The ache in my heart swelled to take up my entire chest, bruising me from the inside out. The truth was that he would know much better than I would how Yvette felt before she died. He’d been there. But the deeper truth was that information wasn’t what he really wanted from me. He wanted comfort. Reassurance.

I stood and rounded the coffee table to sit next to him on the couch. “Bishop.” I plucked the glass from his grip and set it down, then I took his hand and held it. “I don’t know what Yvette went through before she died. I have no idea what she was thinking or feeling. No more than you do, anyway. What I am absolutely certain of is that you and Austin did the best you could for her. To take care of her and make her comfortable. And I am just as certain that she knew that. I…” I cleared my throat, swallowing the lump that seemed determined to choke me. “I wish I’d had someone like you there with me, when I was sick. When I was confused, and afraid, and all alone.” When I’d thought I was dying. “And I’m beyond grateful, on Yvette’s behalf, that she had you both.”
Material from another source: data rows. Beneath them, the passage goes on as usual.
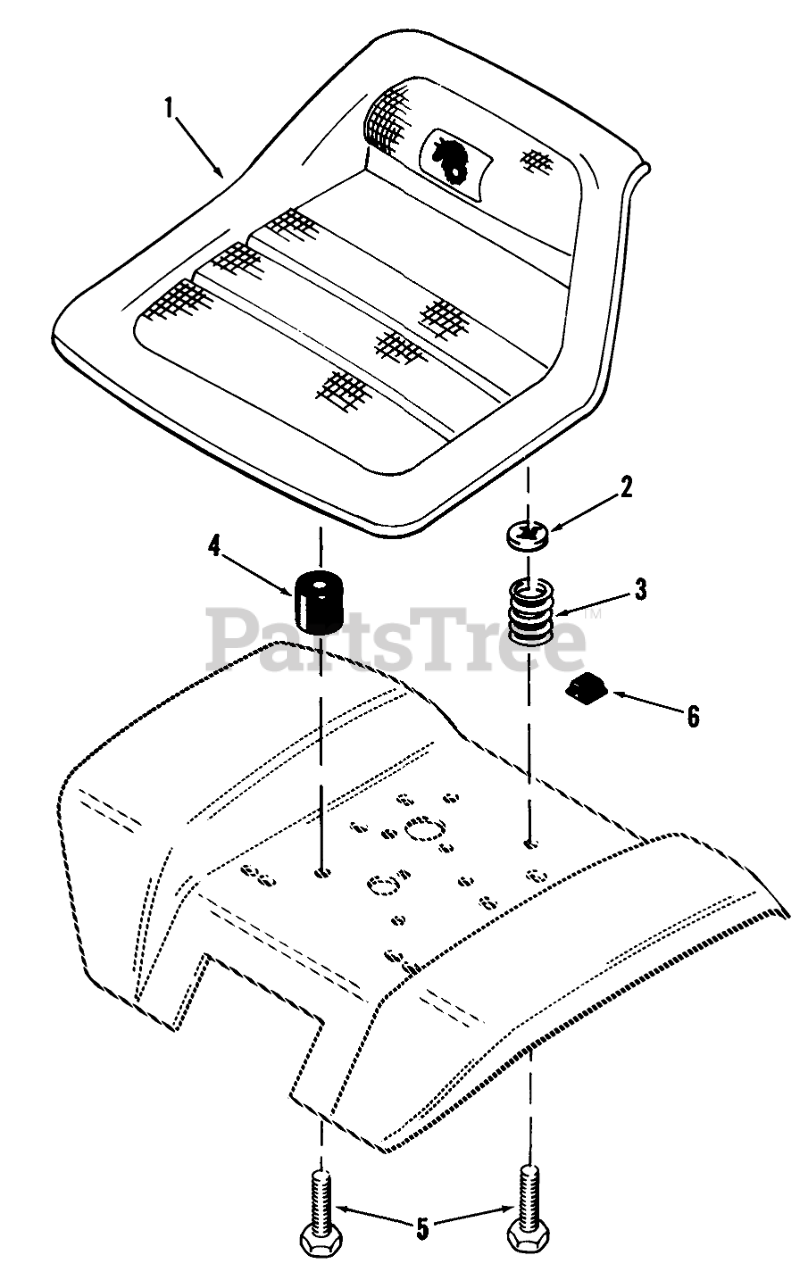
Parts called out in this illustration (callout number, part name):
1	Seat
2	NUT-PUSH
3	SPRING
4	GROMMET-RUBBER
5	SPECIAL BOLT
5	HHCS
6	BUMPER
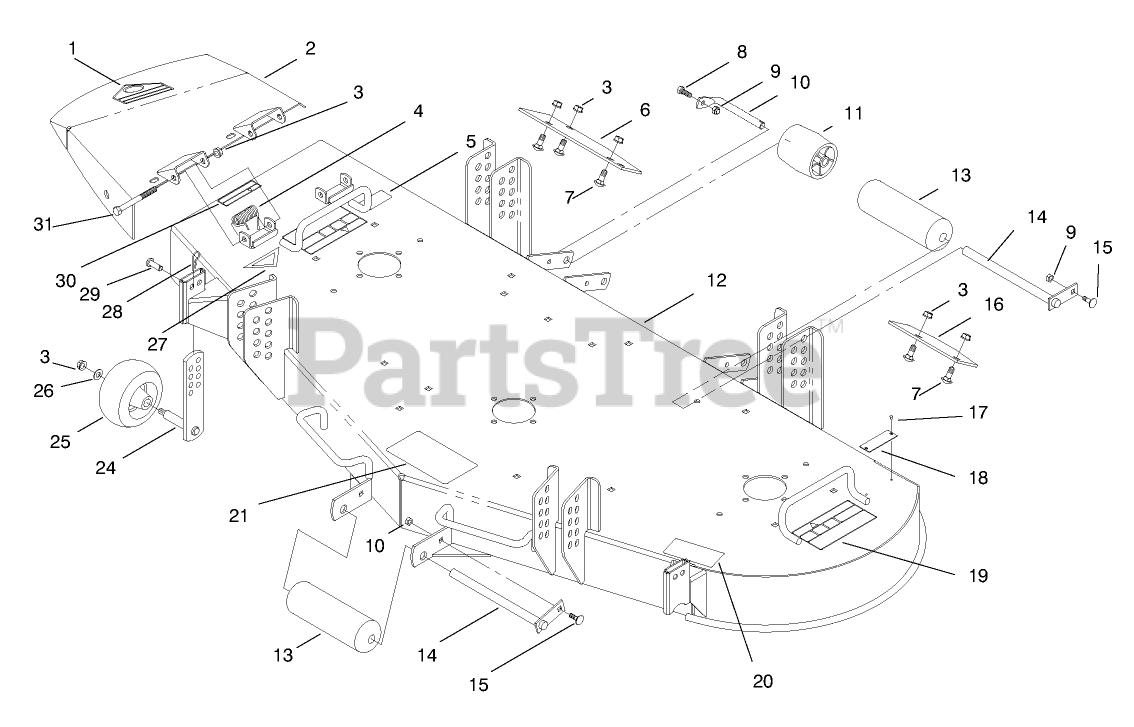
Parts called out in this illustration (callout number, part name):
1	DECAL-DANGER
2	Chute-ASM
2	CHUTE ASM
3	NUT-LOCK, NI
4	SPRING
6	PLATE-WEAR, RH
7	BOLT-CARR
8	SCREW-HH
9	NUT-LOCK, NI
10	ROLLER-SHAFT
11	Roller
12	ASM - 60" DECK W/DECALS
13	ROLLER-ANTI SCALP
14	ROLLER-SHAFT
15	BOLT-CARR
16	PLATE-WEAR, LH
19	DECAL-DANGER, THROWN OBJECT
20	DECAL - WHEEL ADJUSTMENT
24	GAGE-WHEEL
25	WHEEL-GAGE
26	WASHER-FLAT
28	PIN-HAIR
29	PIN-CLEVIS
30	DECAL-DANGER
31	SCREW-HH
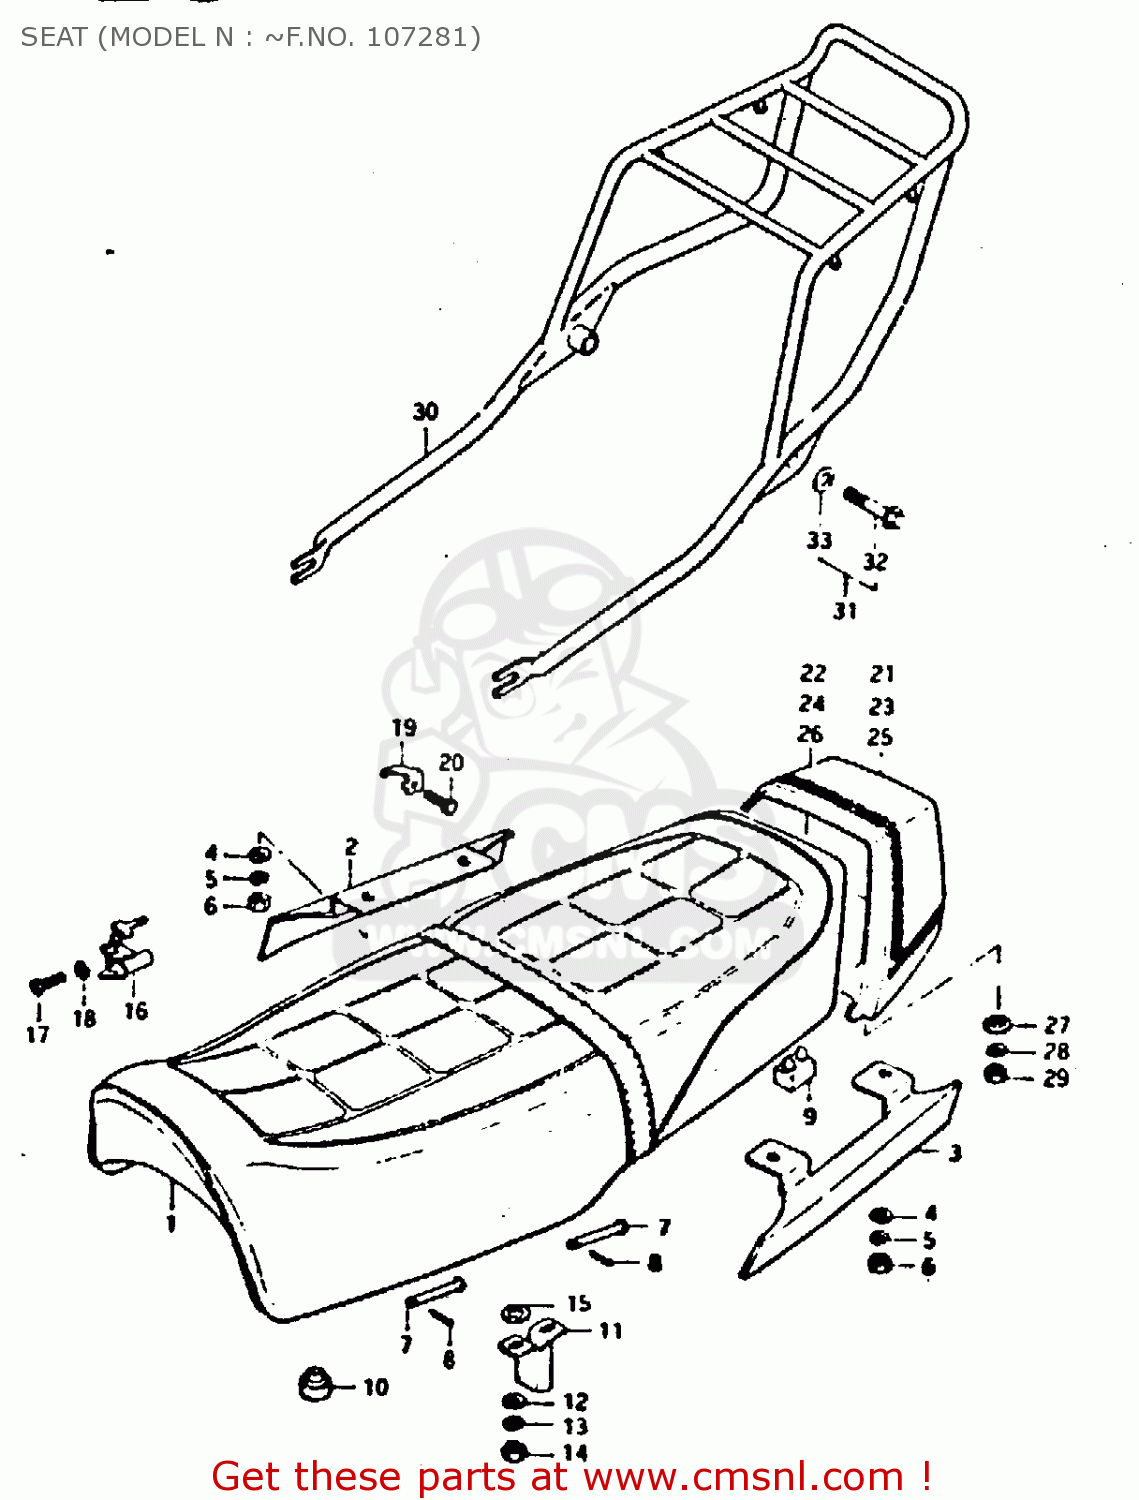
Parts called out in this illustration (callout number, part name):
1	SEAT (BLACK)
2	MOULDING, RH (RED)
3	MOULDING, LH (RED)
4	WASHER
5	LOCK WASHER
6	NUT
7	PIN
8	PIN
9	CUSHION
10	CUSHION
11	STRIKER,SEAT LOCK
12	WASHER
13	LOCK WASHER
14	NUT 6MM
15	WASHER(6.5X18X1)
16	LOCK ASSY,SEAT
17	SCREW
18	LOCK WASHER
19	SPRING,HELMET HOLDER
20	BOLT 5X16
21	COVER, SEAT TAIL (RED)
22	TAPE (BLACK)
23	COVER, SEAT TAIL (BLUE)
24	TAPE (WHITE)
27	WASHER
28	LOCK WASHER
29	NUT 6MM
30	CARRIER, SPORTS
31	BOLT SET, CARRIER
32	BOLT
33	WASHER(10.3X25X1.5

Bishop nodded, slowly. Then he nodded again. He let go of my hand and drained his glass, and because my options at that point seemed to be drink more or cry, I threw back my own.

When I stood, the world spun around me. For one blissful second, I thought I might pass out. But then Bishop was there steadying me, one hand on my waist. “Whoa…” he said, his breath stirring my hair, above my ear. “I think you’ve overcome your tolerance to alcohol, Marshal.”

“Thank god,” I whispered, my focus snagged on his throat, just inches from my face. “I’m so fucking tired of thinking.”

“Me too.”

I dragged my gaze up and found him staring down at me. My next breath caught in my throat, and suddenly I realized how good he smelled. Like whiskey and leather. Like hunger, and rage, and power. Like all the best, of both man and beast.

Bishop blinked. Then his mouth crashed down on mine like a gust of wind blowing the front door wide open. It was startling and electrifying for one white-hot second, but then, when I didn’t pull away, that kiss…changed.

I could feel his loss. I could taste his rage. It all came spilling out of him and into me, but he must have been getting something in return, because his groan, the eager way he clutched at my hips…that was all hunger. Need.

It was a soul-deep ache for something too complex for me to process in that moment.

All I really understood, as the room blurred around me and I clutched at his shirt, as he lifted me and my legs wrapped around his waist, was that whatever this need was…I had it too.

The stubble on his chin scratched as he kissed his way down my neck, and I clutched at him when he eased the burn with his tongue. The first time his teeth grazed my throat, my legs clenched around him, pinning him to me with no conscious thought.